Oscillators
Oscillators are continuously varying patterns. Unless otherwise stated, oscillators give minimum values of 0 and maximum values of 1, and repeat once per cycle.
What is an oscillator?
Oscillators are continuous patterns, which means they don't have any structure, and must be used with a pattern that does. For example d1 $ sound "bd*8" >| pan sine won't work well, because the >| operator instructs Tidal to take structure from the right, and sine doesn't have any structure, so Tidal will simply trigger events at a fixed rate (depending on your configuration, this might be very fast). d1 $ sound "bd*8" |> pan sine is better, because |> takes structure from the left, so eight kick drums will play, with pan values sampled from the sine wave for each of the eight events.
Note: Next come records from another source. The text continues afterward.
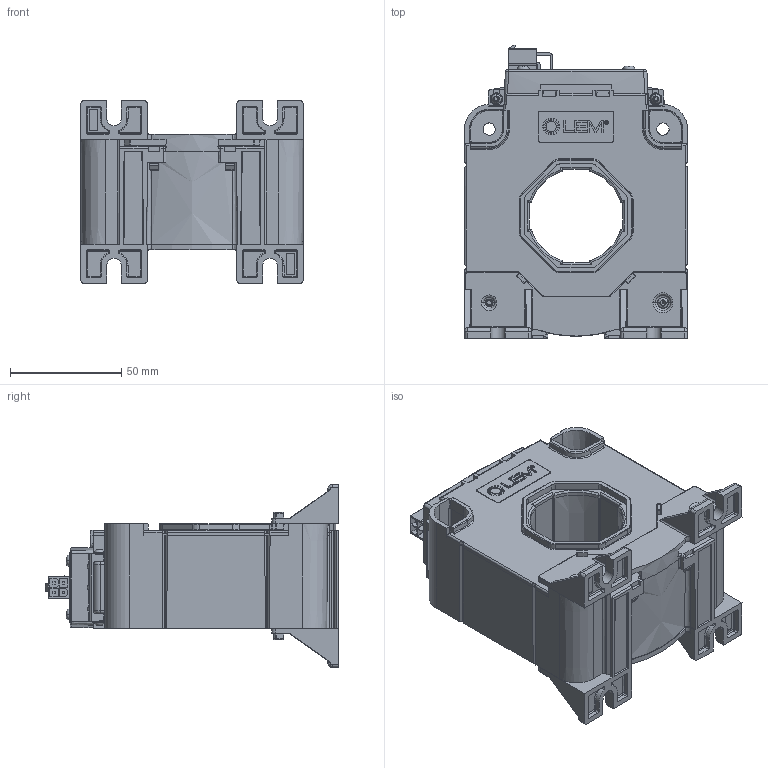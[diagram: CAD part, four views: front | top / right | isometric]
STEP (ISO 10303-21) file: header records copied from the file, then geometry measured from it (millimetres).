
FILE_DESCRIPTION(('Creo Elements/Direct Modeling STEP Export'),'2;1');
FILE_NAME('90.A2.60.026.0_20190823.stp','2019-08-23T10:34:38',(''),(''),'Creo Elements/Direct Modeling STEP processor for AP214 (Solid Model)','Creo Elements/Direct Modeling 20.1 10-Mar-2018 (C) Parametric Technology GmbH','');
FILE_SCHEMA(('AUTOMOTIVE_DESIGN { 1 0 10303 214 1 1 1 1 }'));
Products named in the file (1): LTC-1000-SF-SP26
Bounding box: 100.14 x 131.6 x 82 mm (x, y, z)
Volume: 398497.1 mm3; surface area: 97623.5 mm2
Topology: 1 solids, 22 shells, 2770 faces, 7259 edges, 4575 vertices
Faces by surface type: plane 1283, cylinder 711, bspline 326, torus 176, extrusion 135, cone 119, sphere 20
Entity records: 128375 total; most frequent: CARTESIAN_POINT 61309, ORIENTED_EDGE 14494, DIRECTION 11427, EDGE_CURVE 7239, VERTEX_POINT 4575, VECTOR 4141, LINE 4010, AXIS2_PLACEMENT_3D 3643

Where a pattern has the type Fractional a => Pattern a, that means that they can be used both as floating point numbers or (rational) time values.
Using oscillators
Periodic oscillators
Sine
Type: sine :: Fractional a => Pattern a
sine is a sinusoidal wave. Playing this example, you should hear the sound slowly moving from your left to your right speaker:
d1 $ sound "bd*8" # pan sine
Cosine
Type: cosine :: Fractional a => Pattern a
A cosine wave, is a sine shifted in time by a quarter of a cycle. It sounds similar to the sine above:
d1 $ sound "bd*8" # pan cosine # speed (sine + 0.5)
Square
Type: square :: Fractional a => Pattern a
A Square wave, starting at 0, then going up to 1 halfway through a cycle.
d1 $ sound "bd*8" # pan (cat [square, sine])
Tri
Type: tri :: Fractional a => Pattern a
A triangle wave, starting at 0, then linearly rising to 1 halfway through a cycle, then down again:
d1 $ sound "bd*16" # speed (slow 2 $ range 0.5 2 tri)
Saw
Type: saw :: Fractional a => Pattern a
A sawtooth wave starting at 0, then linearly rising to 1 over one cycle, then jumping back to 0:
d1 $ sound "bd*8" # pan (slow 2 saw)
Isaw
Type: isaw :: Fractional a => Pattern a
An inverted sawtooth, starting at 1, then linearly falling to 0 over one cycle, then jumping back to 1:
d1 $ sound "bd*8" # pan (slow 2 isaw)
Smooth
Type: smooth :: Fractional a => Pattern a -> Pattern a
Smooth receives a pattern of numbers and linearly goes from one to the next, passing through all of them. As time is cycle-based, after reaching the last number in the pattern, it will smoothly go to the first one again.
d1 $ sound "bd*4" # pan (slow 4 $ smooth "0 1 0.5 1")
Note how the sound goes gradually from left to right, then to the center, then to the right again, and finally comes back to the left.
Non-periodic oscillators
Rand
Type: rand :: Fractional a => Pattern a
An infinitely detailed stream of (pseudo-)random numbers. See the rand reference page for more details.
d1 $ sound "bd*8" # pan rand
Irand
Type: irand :: Num a => Pattern Int -> Pattern a
A function from an integer (giving the maximum) to a stream of (pseudo-)random integer numbers. For more details, head to the rand reference page:
d1 $ sound "drum*8" # n (irand 8)
Scaling oscillators
By default, the oscillators will output values scaled between 0 and 1. You might want to use bigger or smaller values. You might want, for instance, to modulate the frequency of a filter or select a random midi note between 0 and 127. To do so, you can use the range function:
d1 $ s "bass:5*8" # lpf (range 200 5000 $ sine)
Speeding up/down oscillators
Oscillators are patterns! It means that you can speed them up or down using the same function as usual (fast, slow, etc..):
d1 $ s "bass:5*8" # lpf (slow 4 $ range 200 5000 $ sine)
Notice that most of the time, the speed up/down will be in sync with your pattern. How convenient!